Friday, August 28, 2015

Quando era miúdo, às vezes tinha dificuldade em adormecer porque sofria - parece-me agora mas na altura não sabia - de vertigens. Sentia o escuro a aproximar-se a a afastar-se e ficava muito inquieto; o mesmo sentimento de inquietude era-me provocado por um sonho recorrente em que estava rodeado de bolas que não paravam de pinchar, algo que me deixava, também, muito inquieto.
Com o passar do tempo fui aprendendo que se ficasse quieto e calado, durante algum tempo, que às vezes era bastante, as coisas voltavam ao normal e acalmava.

Isto nunca me abandonou.

O que me parece, agora, é que a verdade era inversa à aparência. Não era o escuro que se aproximava nem afastava, era eu dele; não eram as bolas que não paravam de pinchar, era eu.
O desassossego era meu. O desassossego é meu.
A resposta a este estado, contudo, mantém-se mais ou menos o mesmo: ficar quieto e calado durante o tempo que conseguir; esperar que tudo acalme até à próxima vez em que acontecer.

O que acontece, de vez em quando, é que não me é possível ficar quieto e quando isso acontece é pouco recomendável. Deixo de ter noção, concreta, da realidade e do que se precisa para passar a cavalgar a onda da insatisfação.
Já estive perto de ser alcoólico; já fui embora durante mais de um mês; já me deitei em todas as camas que consegui enquanto isto durava; já bati em quem me apareceu à frente; já parti árvores à força bruta; já destruí coisas que me poderiam ter feito bem, caso tivesse encontrado as estribeiras.

Hoje, quando não consigo sedar-me à base de silêncio, tento, pelo menos, conter; tento definir um hiato temporal em que me permito queimar tudo o que me apetece queimar; um período curto porque, contrariamente à maioria, não tendo a cansar-me mas a habituar-me à degradação e a Baco.

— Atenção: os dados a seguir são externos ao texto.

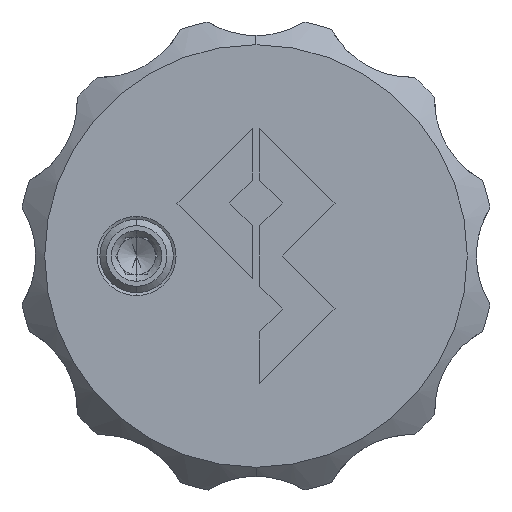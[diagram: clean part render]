
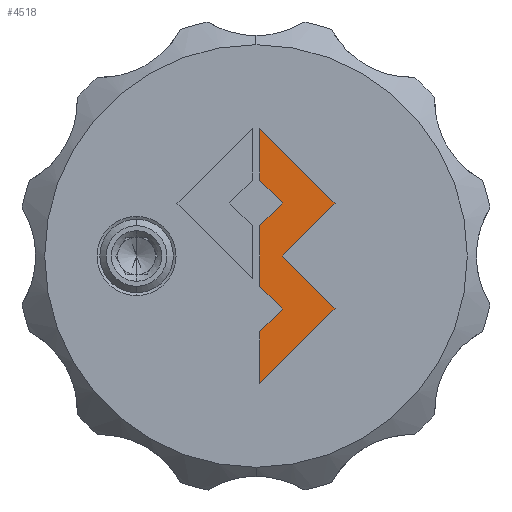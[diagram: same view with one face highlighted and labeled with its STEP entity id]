
A CAD part, left-side view. The second image highlights one B-rep face of the part: STEP entity #4518.
In plain terms, the highlighted planar face has unit normal (-1, 0, 0).
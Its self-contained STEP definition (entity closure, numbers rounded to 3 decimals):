
#208 = CARTESIAN_POINT ( 'NONE',  ( -22.7, -0.2, -1.643 ) ) ;
#306 = EDGE_CURVE ( 'NONE', #13771, #11392, #8658, .T. ) ;
#391 = DIRECTION ( 'NONE',  ( 0., -0.707, -0.707 ) ) ;
#567 = ORIENTED_EDGE ( 'NONE', *, *, #3790, .T. ) ;
#674 = LINE ( 'NONE', #877, #5989 ) ;
#877 = CARTESIAN_POINT ( 'NONE',  ( -22.7, -0.2, -4.129 ) ) ;
#986 = ORIENTED_EDGE ( 'NONE', *, *, #12313, .T. ) ;
#1052 = VECTOR ( 'NONE', #5942, 1000. ) ;
#1383 = VERTEX_POINT ( 'NONE', #7562 ) ;
#1568 = LINE ( 'NONE', #11063, #3733 ) ;
#1719 = LINE ( 'NONE', #10442, #1052 ) ;
#2000 = EDGE_CURVE ( 'NONE', #8160, #1383, #1568, .T. ) ;
#2279 = VERTEX_POINT ( 'NONE', #11897 ) ;
#2344 = LINE ( 'NONE', #12087, #5912 ) ;
#2458 = VERTEX_POINT ( 'NONE', #10458 ) ;
#2679 = CARTESIAN_POINT ( 'NONE',  ( -22.7, -1.443, 2.886 ) ) ;
#2691 = EDGE_CURVE ( 'NONE', #2458, #11452, #674, .T. ) ;
#2860 = CARTESIAN_POINT ( 'NONE',  ( -22.7, -0.2, 6.957 ) ) ;
#2895 = PLANE ( 'NONE',  #3356 ) ;
#2898 = VECTOR ( 'NONE', #3683, 1000. ) ;
#3056 = CARTESIAN_POINT ( 'NONE',  ( -22.7, -1.443, 0. ) ) ;
#3261 = CARTESIAN_POINT ( 'NONE',  ( -22.7, -0.2, -1.643 ) ) ;
#3289 = VECTOR ( 'NONE', #5552, 1000. ) ;
#3356 = AXIS2_PLACEMENT_3D ( 'NONE', #8222, #6123, #13840 ) ;
#3660 = VERTEX_POINT ( 'NONE', #208 ) ;
#3683 = DIRECTION ( 'NONE',  ( 0., 0.707, -0.707 ) ) ;
#3690 = ORIENTED_EDGE ( 'NONE', *, *, #2691, .T. ) ;
#3733 = VECTOR ( 'NONE', #13197, 1000. ) ;
#3790 = EDGE_CURVE ( 'NONE', #10107, #8160, #6809, .T. ) ;
#3815 = LINE ( 'NONE', #9346, #2898 ) ;
#3919 = LINE ( 'NONE', #2860, #12884 ) ;
#3988 = VERTEX_POINT ( 'NONE', #12108 ) ;
#4065 = CARTESIAN_POINT ( 'NONE',  ( -22.7, -4.3, 2.857 ) ) ;
#4518 = ADVANCED_FACE ( 'NONE', ( #7313 ), #2895, .F. ) ;
#5098 = ORIENTED_EDGE ( 'NONE', *, *, #8049, .T. ) ;
#5197 = DIRECTION ( 'NONE',  ( 0., -0.707, 0.707 ) ) ;
#5552 = DIRECTION ( 'NONE',  ( 0., 0.707, 0.707 ) ) ;
#5645 = CARTESIAN_POINT ( 'NONE',  ( -22.7, -0.2, 4.129 ) ) ;
#5912 = VECTOR ( 'NONE', #391, 1000. ) ;
#5942 = DIRECTION ( 'NONE',  ( 0., -0.707, 0.707 ) ) ;
#5989 = VECTOR ( 'NONE', #7191, 1000. ) ;
#6123 = DIRECTION ( 'NONE',  ( 1., 0., 0. ) ) ;
#6567 = ORIENTED_EDGE ( 'NONE', *, *, #9275, .T. ) ;
#6636 = EDGE_CURVE ( 'NONE', #11392, #8964, #7214, .T. ) ;
#6809 = LINE ( 'NONE', #2679, #7822 ) ;
#6828 = CARTESIAN_POINT ( 'NONE',  ( -22.7, -0.2, -6.957 ) ) ;
#6834 = LINE ( 'NONE', #5645, #7644 ) ;
#6924 = EDGE_CURVE ( 'NONE', #3660, #3988, #2344, .T. ) ;
#6946 = ORIENTED_EDGE ( 'NONE', *, *, #306, .T. ) ;
#7191 = DIRECTION ( 'NONE',  ( 0., 0., -1. ) ) ;
#7214 = LINE ( 'NONE', #4065, #8605 ) ;
#7313 = FACE_OUTER_BOUND ( 'NONE', #11833, .T. ) ;
#7459 = DIRECTION ( 'NONE',  ( 0., 0., -1. ) ) ;
#7562 = CARTESIAN_POINT ( 'NONE',  ( -22.7, -0.2, 1.643 ) ) ;
#7619 = EDGE_CURVE ( 'NONE', #8964, #2279, #3919, .T. ) ;
#7644 = VECTOR ( 'NONE', #10095, 1000. ) ;
#7822 = VECTOR ( 'NONE', #7942, 1000. ) ;
#7846 = CARTESIAN_POINT ( 'NONE',  ( -22.7, -0.2, 4.129 ) ) ;
#7942 = DIRECTION ( 'NONE',  ( 0., -0.707, -0.707 ) ) ;
#8049 = EDGE_CURVE ( 'NONE', #2279, #10107, #6834, .T. ) ;
#8160 = VERTEX_POINT ( 'NONE', #8365 ) ;
#8222 = CARTESIAN_POINT ( 'NONE',  ( -22.7, -0.2, -6.957 ) ) ;
#8365 = CARTESIAN_POINT ( 'NONE',  ( -22.7, -1.443, 2.886 ) ) ;
#8393 = DIRECTION ( 'NONE',  ( 0., 0.707, 0.707 ) ) ;
#8489 = ORIENTED_EDGE ( 'NONE', *, *, #2000, .T. ) ;
#8605 = VECTOR ( 'NONE', #5197, 1000. ) ;
#8613 = VECTOR ( 'NONE', #7459, 1000. ) ;
#8658 = LINE ( 'NONE', #8874, #3289 ) ;
#8874 = CARTESIAN_POINT ( 'NONE',  ( -22.7, -1.443, 0. ) ) ;
#8964 = VERTEX_POINT ( 'NONE', #13985 ) ;
#9230 = ORIENTED_EDGE ( 'NONE', *, *, #6636, .T. ) ;
#9275 = EDGE_CURVE ( 'NONE', #1383, #3660, #11789, .T. ) ;
#9296 = ORIENTED_EDGE ( 'NONE', *, *, #12821, .T. ) ;
#9346 = CARTESIAN_POINT ( 'NONE',  ( -22.7, -0.2, -4.129 ) ) ;
#10095 = DIRECTION ( 'NONE',  ( 0., 0., -1. ) ) ;
#10107 = VERTEX_POINT ( 'NONE', #7846 ) ;
#10442 = CARTESIAN_POINT ( 'NONE',  ( -22.7, -4.3, -2.857 ) ) ;
#10458 = CARTESIAN_POINT ( 'NONE',  ( -22.7, -0.2, -4.129 ) ) ;
#10841 = ORIENTED_EDGE ( 'NONE', *, *, #6924, .T. ) ;
#11063 = CARTESIAN_POINT ( 'NONE',  ( -22.7, -0.2, 1.643 ) ) ;
#11215 = ORIENTED_EDGE ( 'NONE', *, *, #7619, .T. ) ;
#11392 = VERTEX_POINT ( 'NONE', #3056 ) ;
#11452 = VERTEX_POINT ( 'NONE', #6828 ) ;
#11789 = LINE ( 'NONE', #3261, #8613 ) ;
#11833 = EDGE_LOOP ( 'NONE', ( #3690, #986, #6946, #9230, #11215, #5098, #567, #8489, #6567, #10841, #9296 ) ) ;
#11897 = CARTESIAN_POINT ( 'NONE',  ( -22.7, -0.2, 6.957 ) ) ;
#12087 = CARTESIAN_POINT ( 'NONE',  ( -22.7, -1.443, -2.886 ) ) ;
#12108 = CARTESIAN_POINT ( 'NONE',  ( -22.7, -1.443, -2.886 ) ) ;
#12313 = EDGE_CURVE ( 'NONE', #11452, #13771, #1719, .T. ) ;
#12821 = EDGE_CURVE ( 'NONE', #3988, #2458, #3815, .T. ) ;
#12884 = VECTOR ( 'NONE', #8393, 1000. ) ;
#13197 = DIRECTION ( 'NONE',  ( 0., 0.707, -0.707 ) ) ;
#13533 = CARTESIAN_POINT ( 'NONE',  ( -22.7, -4.3, -2.857 ) ) ;
#13771 = VERTEX_POINT ( 'NONE', #13533 ) ;
#13840 = DIRECTION ( 'NONE',  ( 0., 0., -1. ) ) ;
#13985 = CARTESIAN_POINT ( 'NONE',  ( -22.7, -4.3, 2.857 ) ) ;

O tempo que defini para arder terminou há pouco e hoje estou, outra vez, muito inquieto...por isso estar muito quieto...
Hoje, contra tudo o que gosto de fazer neste dia de merda, vou rebentar-me em desporto para ver se durmo porque quero apagar. Não devo andar. Não devo descontrolar. Não devo regressar. E posso tudo isto e quando posso tendo a fazer.

Há uma cena que me marcou o cérebro em que um gajo, depois de ter perdido o que não queria ter perdido, despediu-se da última réstea de ligação ao mundo que tinha e, quando acordou (literalmente) ficou estarrecido a olhar para o tecto, ressacado e rodeado por três gajas que, como ele, estavam nuas; levantou-se e foi buscar cerveja.